##### SOURCE INFORMATION #####
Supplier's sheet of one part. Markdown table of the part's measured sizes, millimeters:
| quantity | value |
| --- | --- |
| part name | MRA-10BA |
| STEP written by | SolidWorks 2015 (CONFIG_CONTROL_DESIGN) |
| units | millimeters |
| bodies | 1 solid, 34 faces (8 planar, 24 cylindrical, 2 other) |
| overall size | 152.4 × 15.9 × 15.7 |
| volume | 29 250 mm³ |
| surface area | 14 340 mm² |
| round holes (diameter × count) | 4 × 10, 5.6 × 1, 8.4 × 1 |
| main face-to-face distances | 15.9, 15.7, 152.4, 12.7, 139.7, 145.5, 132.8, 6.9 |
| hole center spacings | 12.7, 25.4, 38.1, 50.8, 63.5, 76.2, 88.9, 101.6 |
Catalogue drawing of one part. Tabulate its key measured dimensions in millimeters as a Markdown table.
#####
##### SOURCE INFORMATION #####
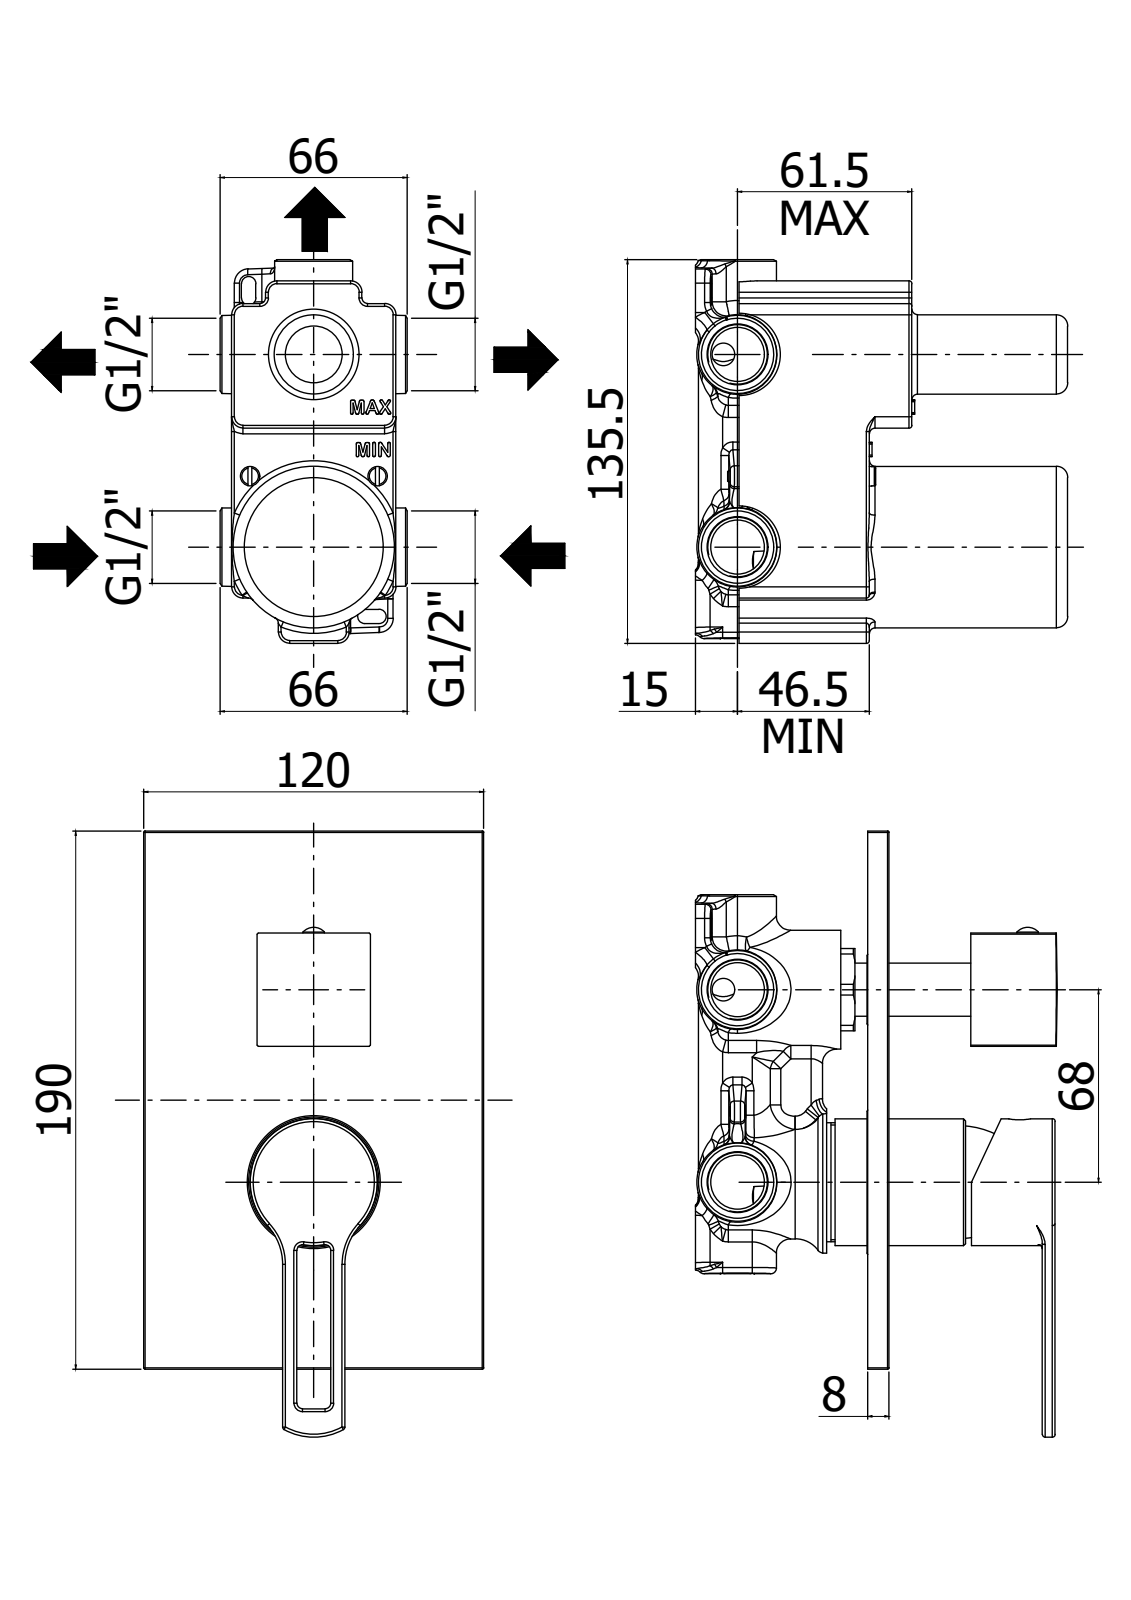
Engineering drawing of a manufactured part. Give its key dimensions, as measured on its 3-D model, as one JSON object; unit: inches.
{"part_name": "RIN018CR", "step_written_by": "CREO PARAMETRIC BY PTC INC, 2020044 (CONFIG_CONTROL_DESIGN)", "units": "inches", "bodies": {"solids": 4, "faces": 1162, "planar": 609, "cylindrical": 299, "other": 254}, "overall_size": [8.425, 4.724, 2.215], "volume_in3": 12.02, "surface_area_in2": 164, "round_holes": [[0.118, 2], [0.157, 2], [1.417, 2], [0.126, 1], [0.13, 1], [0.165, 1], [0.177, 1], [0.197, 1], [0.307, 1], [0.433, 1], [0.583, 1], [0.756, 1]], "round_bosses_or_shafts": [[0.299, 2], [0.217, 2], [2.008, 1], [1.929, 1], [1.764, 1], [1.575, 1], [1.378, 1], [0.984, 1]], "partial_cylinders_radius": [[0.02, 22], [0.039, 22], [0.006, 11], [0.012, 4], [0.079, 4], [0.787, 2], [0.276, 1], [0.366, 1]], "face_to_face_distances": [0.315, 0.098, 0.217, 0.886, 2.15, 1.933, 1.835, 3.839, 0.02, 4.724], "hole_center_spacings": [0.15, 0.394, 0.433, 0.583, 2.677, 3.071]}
#####
##### SOURCE INFORMATION #####
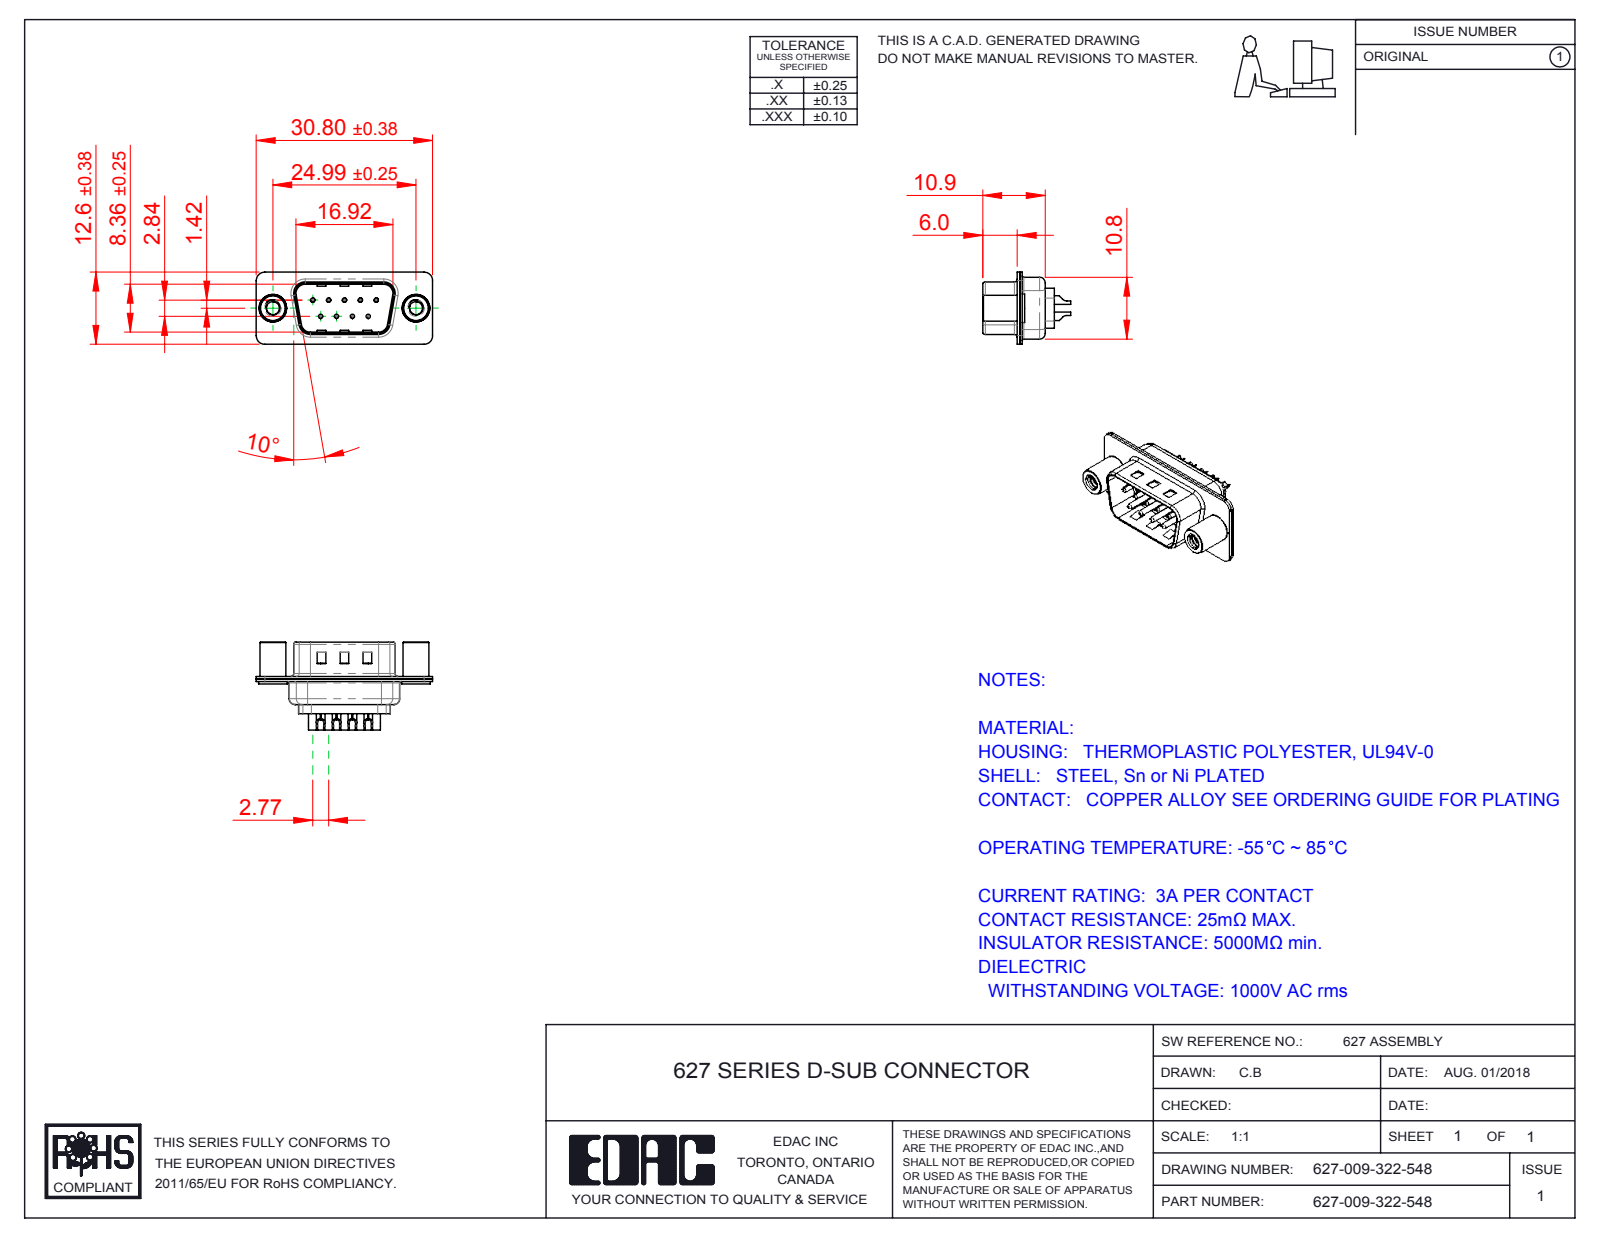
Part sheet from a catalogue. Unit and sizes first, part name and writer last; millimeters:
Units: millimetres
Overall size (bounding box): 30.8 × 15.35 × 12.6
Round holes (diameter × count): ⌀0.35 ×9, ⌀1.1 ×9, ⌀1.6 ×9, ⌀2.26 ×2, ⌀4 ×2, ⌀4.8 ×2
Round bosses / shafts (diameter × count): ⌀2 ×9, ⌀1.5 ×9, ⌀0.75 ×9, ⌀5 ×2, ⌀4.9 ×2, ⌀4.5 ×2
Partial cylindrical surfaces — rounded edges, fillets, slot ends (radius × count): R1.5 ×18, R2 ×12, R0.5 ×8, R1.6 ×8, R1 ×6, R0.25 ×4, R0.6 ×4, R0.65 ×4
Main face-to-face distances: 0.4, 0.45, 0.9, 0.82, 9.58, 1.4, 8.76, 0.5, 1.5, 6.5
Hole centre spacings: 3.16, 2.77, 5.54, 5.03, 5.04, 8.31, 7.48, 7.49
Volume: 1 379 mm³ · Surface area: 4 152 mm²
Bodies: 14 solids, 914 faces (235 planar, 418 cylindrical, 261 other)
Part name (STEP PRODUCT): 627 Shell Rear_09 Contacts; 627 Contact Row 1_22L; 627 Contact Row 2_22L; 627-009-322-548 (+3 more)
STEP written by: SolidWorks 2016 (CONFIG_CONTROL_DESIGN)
#####
§ **DESCRIPTION OF THE TASK**
Retype only the lines above between the line with "Supplier's sheet of" and the line with "Catalogue drawing of", counting those two lines as well, and keep every character as it is.

§ **RESULT FOR THIS EXERCISE**
Supplier's sheet of one part. Markdown table of the part's measured sizes, millimeters:
| quantity | value |
| --- | --- |
| part name | MRA-10BA |
| STEP written by | SolidWorks 2015 (CONFIG_CONTROL_DESIGN) |
| units | millimeters |
| bodies | 1 solid, 34 faces (8 planar, 24 cylindrical, 2 other) |
| overall size | 152.4 × 15.9 × 15.7 |
| volume | 29 250 mm³ |
| surface area | 14 340 mm² |
| round holes (diameter × count) | 4 × 10, 5.6 × 1, 8.4 × 1 |
| main face-to-face distances | 15.9, 15.7, 152.4, 12.7, 139.7, 145.5, 132.8, 6.9 |
| hole center spacings | 12.7, 25.4, 38.1, 50.8, 63.5, 76.2, 88.9, 101.6 |
Catalogue drawing of one part. Tabulate its key measured dimensions in millimeters as a Markdown table.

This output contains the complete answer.